■ Available records
_ _ _ _ _ _ _
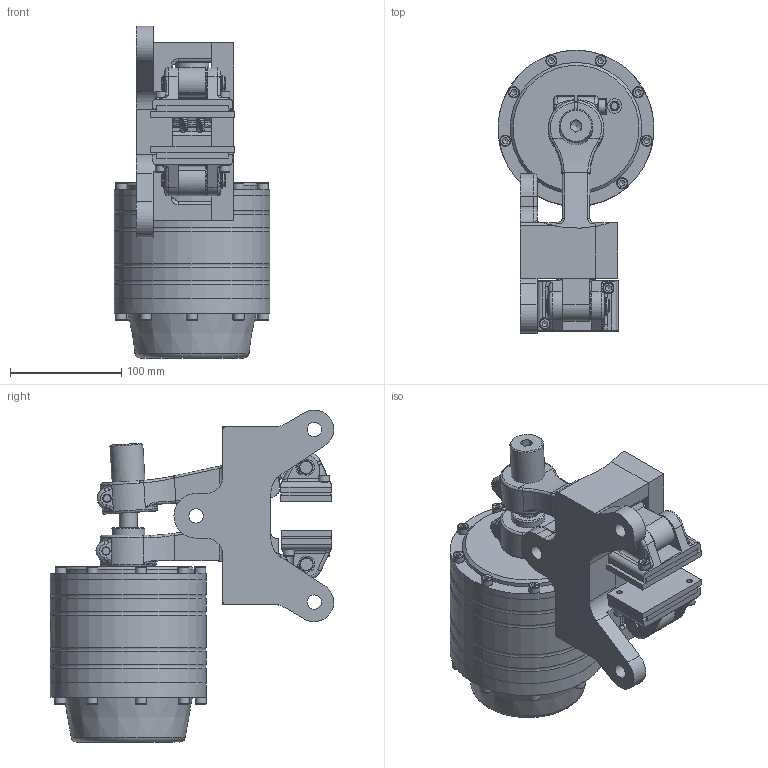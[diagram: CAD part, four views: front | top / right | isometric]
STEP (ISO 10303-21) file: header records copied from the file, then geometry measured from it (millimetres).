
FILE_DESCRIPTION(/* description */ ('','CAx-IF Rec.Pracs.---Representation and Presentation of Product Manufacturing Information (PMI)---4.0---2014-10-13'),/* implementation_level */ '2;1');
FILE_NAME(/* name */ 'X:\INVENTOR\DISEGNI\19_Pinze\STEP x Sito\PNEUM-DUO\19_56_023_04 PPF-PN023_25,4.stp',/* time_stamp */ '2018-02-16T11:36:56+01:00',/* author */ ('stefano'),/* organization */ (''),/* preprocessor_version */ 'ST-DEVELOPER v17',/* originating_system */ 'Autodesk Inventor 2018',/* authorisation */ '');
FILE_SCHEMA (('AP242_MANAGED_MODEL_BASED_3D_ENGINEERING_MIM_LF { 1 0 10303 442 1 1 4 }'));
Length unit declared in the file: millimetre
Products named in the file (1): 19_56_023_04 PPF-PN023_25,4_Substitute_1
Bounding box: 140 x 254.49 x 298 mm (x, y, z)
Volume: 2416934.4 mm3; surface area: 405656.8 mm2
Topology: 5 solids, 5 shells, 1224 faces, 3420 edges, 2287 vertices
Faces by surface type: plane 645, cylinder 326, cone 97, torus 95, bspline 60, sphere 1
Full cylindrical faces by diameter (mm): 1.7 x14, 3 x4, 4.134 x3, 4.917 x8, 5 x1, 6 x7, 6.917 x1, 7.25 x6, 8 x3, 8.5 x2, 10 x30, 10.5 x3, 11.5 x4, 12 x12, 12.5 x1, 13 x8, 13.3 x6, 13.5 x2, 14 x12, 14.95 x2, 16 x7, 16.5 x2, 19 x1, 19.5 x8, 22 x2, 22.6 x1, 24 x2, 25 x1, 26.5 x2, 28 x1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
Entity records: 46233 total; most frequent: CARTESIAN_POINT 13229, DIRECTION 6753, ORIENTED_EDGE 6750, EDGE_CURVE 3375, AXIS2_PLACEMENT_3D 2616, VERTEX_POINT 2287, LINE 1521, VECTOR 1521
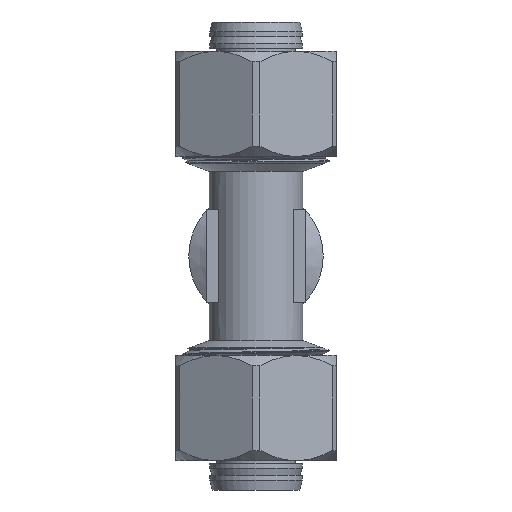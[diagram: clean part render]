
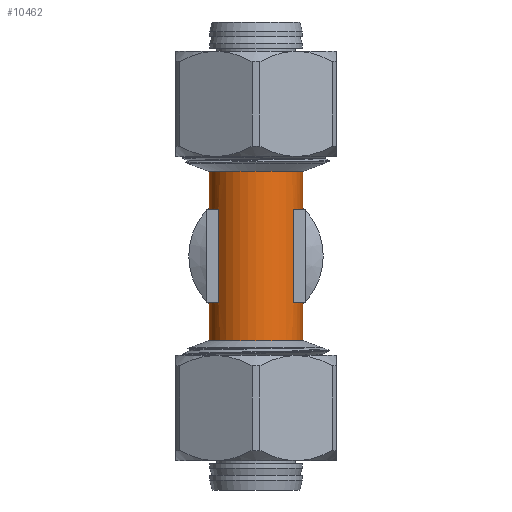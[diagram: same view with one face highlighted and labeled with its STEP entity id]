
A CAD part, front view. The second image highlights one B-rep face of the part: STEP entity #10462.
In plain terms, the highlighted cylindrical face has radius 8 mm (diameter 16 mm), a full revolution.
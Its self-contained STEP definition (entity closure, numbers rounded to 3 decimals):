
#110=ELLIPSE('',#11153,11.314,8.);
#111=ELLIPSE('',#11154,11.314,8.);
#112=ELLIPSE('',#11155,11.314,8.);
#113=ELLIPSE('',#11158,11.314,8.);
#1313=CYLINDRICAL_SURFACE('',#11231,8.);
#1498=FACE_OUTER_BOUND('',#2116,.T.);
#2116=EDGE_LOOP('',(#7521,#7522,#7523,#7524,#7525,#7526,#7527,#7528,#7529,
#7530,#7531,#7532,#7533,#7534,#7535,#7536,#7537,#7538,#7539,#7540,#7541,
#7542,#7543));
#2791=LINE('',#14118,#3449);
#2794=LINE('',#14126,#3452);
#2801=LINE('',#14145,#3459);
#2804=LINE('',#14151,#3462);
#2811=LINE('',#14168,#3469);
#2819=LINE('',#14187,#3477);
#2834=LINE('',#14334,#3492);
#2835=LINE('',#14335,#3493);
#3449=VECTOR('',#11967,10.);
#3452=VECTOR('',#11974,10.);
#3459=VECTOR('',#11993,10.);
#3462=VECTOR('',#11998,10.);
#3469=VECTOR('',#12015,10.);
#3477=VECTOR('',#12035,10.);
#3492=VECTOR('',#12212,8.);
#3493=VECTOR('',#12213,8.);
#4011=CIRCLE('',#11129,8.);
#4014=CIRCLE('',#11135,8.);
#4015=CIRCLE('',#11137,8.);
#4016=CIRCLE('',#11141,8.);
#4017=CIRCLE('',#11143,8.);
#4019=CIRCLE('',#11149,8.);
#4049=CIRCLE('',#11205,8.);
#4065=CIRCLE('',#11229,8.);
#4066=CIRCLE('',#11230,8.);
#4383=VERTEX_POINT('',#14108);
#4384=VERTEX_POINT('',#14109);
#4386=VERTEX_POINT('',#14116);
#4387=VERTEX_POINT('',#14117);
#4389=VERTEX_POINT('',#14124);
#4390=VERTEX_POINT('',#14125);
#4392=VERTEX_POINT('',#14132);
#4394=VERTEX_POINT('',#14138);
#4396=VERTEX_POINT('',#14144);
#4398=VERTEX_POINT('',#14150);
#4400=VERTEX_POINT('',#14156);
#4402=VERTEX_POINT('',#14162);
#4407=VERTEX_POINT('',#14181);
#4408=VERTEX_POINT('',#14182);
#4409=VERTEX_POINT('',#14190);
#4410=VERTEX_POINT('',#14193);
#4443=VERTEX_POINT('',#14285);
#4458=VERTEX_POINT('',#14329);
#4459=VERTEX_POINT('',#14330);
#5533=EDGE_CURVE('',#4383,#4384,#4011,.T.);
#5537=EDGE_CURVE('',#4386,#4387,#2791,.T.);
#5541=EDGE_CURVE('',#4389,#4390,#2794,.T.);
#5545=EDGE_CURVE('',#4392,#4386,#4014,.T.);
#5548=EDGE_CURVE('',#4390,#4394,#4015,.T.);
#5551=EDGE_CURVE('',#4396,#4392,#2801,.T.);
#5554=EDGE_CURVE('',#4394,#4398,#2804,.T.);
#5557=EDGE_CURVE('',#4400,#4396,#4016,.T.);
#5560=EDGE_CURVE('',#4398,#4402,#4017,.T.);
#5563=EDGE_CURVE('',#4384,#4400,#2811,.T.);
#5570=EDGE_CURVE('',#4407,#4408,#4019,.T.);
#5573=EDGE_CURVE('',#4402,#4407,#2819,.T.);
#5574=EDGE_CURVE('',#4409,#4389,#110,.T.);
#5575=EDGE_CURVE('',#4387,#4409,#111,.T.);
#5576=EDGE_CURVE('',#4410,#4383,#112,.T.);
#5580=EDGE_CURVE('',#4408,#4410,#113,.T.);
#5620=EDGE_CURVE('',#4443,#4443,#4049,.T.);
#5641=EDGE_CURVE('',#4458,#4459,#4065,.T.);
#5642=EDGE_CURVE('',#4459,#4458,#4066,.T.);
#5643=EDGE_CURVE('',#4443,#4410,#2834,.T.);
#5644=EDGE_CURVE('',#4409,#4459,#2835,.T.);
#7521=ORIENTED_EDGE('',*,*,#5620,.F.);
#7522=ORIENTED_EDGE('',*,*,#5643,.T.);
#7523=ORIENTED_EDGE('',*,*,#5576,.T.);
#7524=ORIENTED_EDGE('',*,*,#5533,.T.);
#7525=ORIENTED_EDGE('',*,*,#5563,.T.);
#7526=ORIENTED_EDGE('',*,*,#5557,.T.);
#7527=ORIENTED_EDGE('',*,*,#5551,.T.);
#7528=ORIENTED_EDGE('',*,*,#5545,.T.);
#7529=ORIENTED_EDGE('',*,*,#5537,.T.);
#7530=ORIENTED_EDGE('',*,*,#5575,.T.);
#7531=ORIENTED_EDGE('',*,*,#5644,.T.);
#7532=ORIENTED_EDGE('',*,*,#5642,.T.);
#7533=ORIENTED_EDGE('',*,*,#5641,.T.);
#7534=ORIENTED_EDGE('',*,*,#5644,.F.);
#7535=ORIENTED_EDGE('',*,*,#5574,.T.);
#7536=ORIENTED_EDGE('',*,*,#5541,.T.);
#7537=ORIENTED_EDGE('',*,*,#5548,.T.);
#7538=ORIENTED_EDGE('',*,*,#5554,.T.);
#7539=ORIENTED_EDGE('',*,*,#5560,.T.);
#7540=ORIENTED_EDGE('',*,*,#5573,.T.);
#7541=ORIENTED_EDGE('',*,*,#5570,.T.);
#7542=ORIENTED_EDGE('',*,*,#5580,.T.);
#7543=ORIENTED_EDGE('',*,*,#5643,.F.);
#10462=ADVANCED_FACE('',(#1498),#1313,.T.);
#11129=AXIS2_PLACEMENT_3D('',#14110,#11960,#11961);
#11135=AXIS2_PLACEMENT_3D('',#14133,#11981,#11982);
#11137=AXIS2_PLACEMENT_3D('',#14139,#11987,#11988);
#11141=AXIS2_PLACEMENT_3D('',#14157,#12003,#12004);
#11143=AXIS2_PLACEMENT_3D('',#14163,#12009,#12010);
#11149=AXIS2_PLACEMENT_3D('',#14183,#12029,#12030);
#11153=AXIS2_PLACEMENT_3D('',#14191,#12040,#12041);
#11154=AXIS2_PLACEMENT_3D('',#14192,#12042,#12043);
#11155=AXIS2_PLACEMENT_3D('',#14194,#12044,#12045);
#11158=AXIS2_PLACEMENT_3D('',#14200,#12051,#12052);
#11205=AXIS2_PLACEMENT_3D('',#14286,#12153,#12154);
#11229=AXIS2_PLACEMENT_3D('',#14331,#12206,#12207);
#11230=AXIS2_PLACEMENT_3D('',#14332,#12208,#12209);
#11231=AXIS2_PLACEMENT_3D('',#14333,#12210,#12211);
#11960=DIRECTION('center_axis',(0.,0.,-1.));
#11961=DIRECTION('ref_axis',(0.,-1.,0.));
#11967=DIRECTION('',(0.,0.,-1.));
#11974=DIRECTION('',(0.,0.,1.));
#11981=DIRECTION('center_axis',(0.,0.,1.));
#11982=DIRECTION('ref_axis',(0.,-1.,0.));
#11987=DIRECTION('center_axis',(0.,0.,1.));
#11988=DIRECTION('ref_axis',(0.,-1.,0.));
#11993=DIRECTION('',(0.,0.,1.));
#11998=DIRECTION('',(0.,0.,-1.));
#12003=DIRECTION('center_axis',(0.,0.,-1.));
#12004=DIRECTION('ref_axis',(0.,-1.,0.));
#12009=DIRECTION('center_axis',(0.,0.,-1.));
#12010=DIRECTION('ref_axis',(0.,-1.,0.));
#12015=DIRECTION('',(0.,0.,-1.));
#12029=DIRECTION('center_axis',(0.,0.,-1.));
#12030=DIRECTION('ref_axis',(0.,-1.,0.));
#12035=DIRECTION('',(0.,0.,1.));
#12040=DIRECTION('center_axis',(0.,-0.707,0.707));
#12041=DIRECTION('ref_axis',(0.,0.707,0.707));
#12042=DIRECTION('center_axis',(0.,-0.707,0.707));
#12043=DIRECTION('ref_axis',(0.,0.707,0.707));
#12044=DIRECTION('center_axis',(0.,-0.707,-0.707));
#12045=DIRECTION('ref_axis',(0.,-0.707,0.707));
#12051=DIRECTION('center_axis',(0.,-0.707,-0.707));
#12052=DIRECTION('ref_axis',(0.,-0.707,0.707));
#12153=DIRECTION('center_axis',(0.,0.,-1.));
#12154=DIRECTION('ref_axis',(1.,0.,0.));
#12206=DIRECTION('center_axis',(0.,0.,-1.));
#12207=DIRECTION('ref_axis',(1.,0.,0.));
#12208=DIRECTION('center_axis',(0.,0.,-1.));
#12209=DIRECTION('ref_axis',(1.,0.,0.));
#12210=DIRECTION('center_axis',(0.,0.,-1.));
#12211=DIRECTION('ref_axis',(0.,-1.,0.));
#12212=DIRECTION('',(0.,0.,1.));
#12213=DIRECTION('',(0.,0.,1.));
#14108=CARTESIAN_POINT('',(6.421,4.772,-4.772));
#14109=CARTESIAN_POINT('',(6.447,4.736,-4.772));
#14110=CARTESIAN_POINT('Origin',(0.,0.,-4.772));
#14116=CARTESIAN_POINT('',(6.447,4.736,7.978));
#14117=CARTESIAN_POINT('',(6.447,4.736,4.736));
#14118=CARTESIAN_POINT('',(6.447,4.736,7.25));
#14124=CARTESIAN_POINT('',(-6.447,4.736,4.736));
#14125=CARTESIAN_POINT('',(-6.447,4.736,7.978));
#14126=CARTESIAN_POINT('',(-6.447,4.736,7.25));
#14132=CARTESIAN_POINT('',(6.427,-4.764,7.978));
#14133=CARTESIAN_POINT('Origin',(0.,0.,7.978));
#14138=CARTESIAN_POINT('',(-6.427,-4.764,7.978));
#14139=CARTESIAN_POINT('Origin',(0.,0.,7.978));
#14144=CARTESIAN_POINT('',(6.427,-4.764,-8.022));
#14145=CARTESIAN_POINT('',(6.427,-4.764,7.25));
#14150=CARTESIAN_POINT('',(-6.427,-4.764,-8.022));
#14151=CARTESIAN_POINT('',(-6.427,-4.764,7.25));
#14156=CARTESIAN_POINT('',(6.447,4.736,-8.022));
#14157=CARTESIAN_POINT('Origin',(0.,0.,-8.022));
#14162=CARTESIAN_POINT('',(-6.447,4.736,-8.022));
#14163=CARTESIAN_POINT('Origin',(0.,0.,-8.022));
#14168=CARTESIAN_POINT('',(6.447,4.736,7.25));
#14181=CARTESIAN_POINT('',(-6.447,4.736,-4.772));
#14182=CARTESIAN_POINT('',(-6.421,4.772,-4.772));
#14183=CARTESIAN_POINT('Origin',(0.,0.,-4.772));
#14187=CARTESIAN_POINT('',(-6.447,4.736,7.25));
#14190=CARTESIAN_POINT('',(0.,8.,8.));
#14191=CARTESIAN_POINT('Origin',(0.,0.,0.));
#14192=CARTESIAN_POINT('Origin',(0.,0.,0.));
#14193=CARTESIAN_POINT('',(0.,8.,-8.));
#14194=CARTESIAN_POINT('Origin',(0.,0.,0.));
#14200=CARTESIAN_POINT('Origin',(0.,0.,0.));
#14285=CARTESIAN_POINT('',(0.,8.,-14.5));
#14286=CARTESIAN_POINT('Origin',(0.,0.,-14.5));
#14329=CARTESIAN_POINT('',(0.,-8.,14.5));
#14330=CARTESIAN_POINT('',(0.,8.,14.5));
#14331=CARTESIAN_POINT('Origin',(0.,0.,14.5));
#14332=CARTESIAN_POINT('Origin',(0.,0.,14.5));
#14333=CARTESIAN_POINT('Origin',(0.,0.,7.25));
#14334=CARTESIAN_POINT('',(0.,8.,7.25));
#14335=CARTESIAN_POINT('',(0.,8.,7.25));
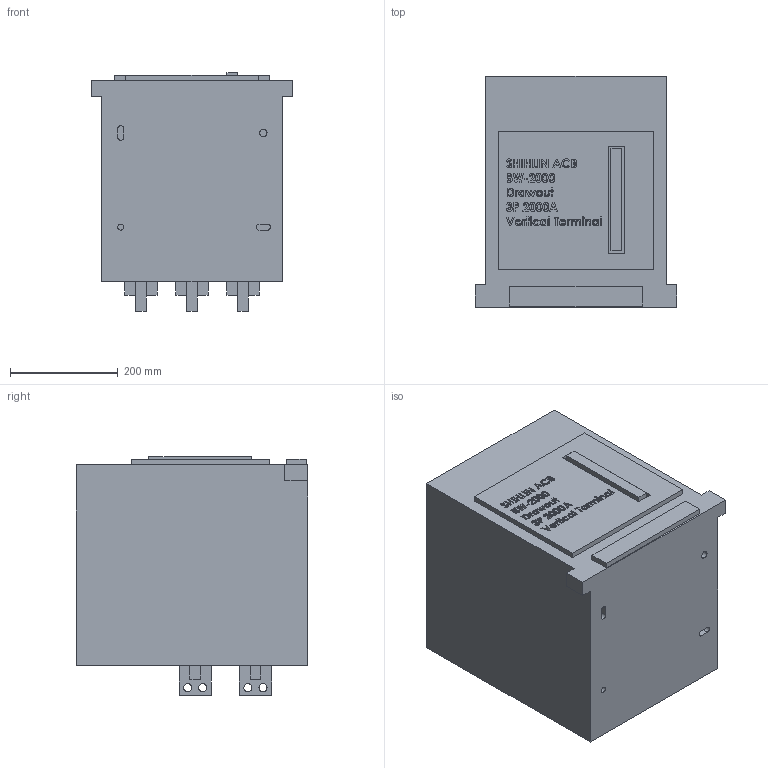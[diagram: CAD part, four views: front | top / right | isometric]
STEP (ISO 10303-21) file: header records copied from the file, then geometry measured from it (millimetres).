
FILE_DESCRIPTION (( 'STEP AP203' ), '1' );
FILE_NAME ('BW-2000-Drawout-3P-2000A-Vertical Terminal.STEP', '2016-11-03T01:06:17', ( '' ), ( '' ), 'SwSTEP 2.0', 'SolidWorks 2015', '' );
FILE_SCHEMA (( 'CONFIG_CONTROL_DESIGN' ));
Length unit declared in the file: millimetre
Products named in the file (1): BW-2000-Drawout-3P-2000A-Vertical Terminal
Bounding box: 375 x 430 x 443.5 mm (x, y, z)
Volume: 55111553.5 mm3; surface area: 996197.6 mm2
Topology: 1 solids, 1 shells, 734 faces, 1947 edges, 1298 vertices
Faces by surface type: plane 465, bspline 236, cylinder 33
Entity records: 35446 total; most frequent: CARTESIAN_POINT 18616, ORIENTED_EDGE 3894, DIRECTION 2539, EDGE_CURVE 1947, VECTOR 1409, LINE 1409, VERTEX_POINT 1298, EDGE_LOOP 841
_ _ _ _ _ _ _
■ Exercise requirements
Look above for the line with "#5545=EDGE_CURVE('',#4392,#4386,#4014,.T.);" and the line with "#7530=ORIENTED_EDGE('',*,*,#5575,.T.);". Write out those two lines and all the lines between them, exactly, and no others.

■ Written answer
#5545=EDGE_CURVE('',#4392,#4386,#4014,.T.);
#5548=EDGE_CURVE('',#4390,#4394,#4015,.T.);
#5551=EDGE_CURVE('',#4396,#4392,#2801,.T.);
#5554=EDGE_CURVE('',#4394,#4398,#2804,.T.);
#5557=EDGE_CURVE('',#4400,#4396,#4016,.T.);
#5560=EDGE_CURVE('',#4398,#4402,#4017,.T.);
#5563=EDGE_CURVE('',#4384,#4400,#2811,.T.);
#5570=EDGE_CURVE('',#4407,#4408,#4019,.T.);
#5573=EDGE_CURVE('',#4402,#4407,#2819,.T.);
#5574=EDGE_CURVE('',#4409,#4389,#110,.T.);
#5575=EDGE_CURVE('',#4387,#4409,#111,.T.);
#5576=EDGE_CURVE('',#4410,#4383,#112,.T.);
#5580=EDGE_CURVE('',#4408,#4410,#113,.T.);
#5620=EDGE_CURVE('',#4443,#4443,#4049,.T.);
#5641=EDGE_CURVE('',#4458,#4459,#4065,.T.);
#5642=EDGE_CURVE('',#4459,#4458,#4066,.T.);
#5643=EDGE_CURVE('',#4443,#4410,#2834,.T.);
#5644=EDGE_CURVE('',#4409,#4459,#2835,.T.);
#7521=ORIENTED_EDGE('',*,*,#5620,.F.);
#7522=ORIENTED_EDGE('',*,*,#5643,.T.);
#7523=ORIENTED_EDGE('',*,*,#5576,.T.);
#7524=ORIENTED_EDGE('',*,*,#5533,.T.);
#7525=ORIENTED_EDGE('',*,*,#5563,.T.);
#7526=ORIENTED_EDGE('',*,*,#5557,.T.);
#7527=ORIENTED_EDGE('',*,*,#5551,.T.);
#7528=ORIENTED_EDGE('',*,*,#5545,.T.);
#7529=ORIENTED_EDGE('',*,*,#5537,.T.);
#7530=ORIENTED_EDGE('',*,*,#5575,.T.);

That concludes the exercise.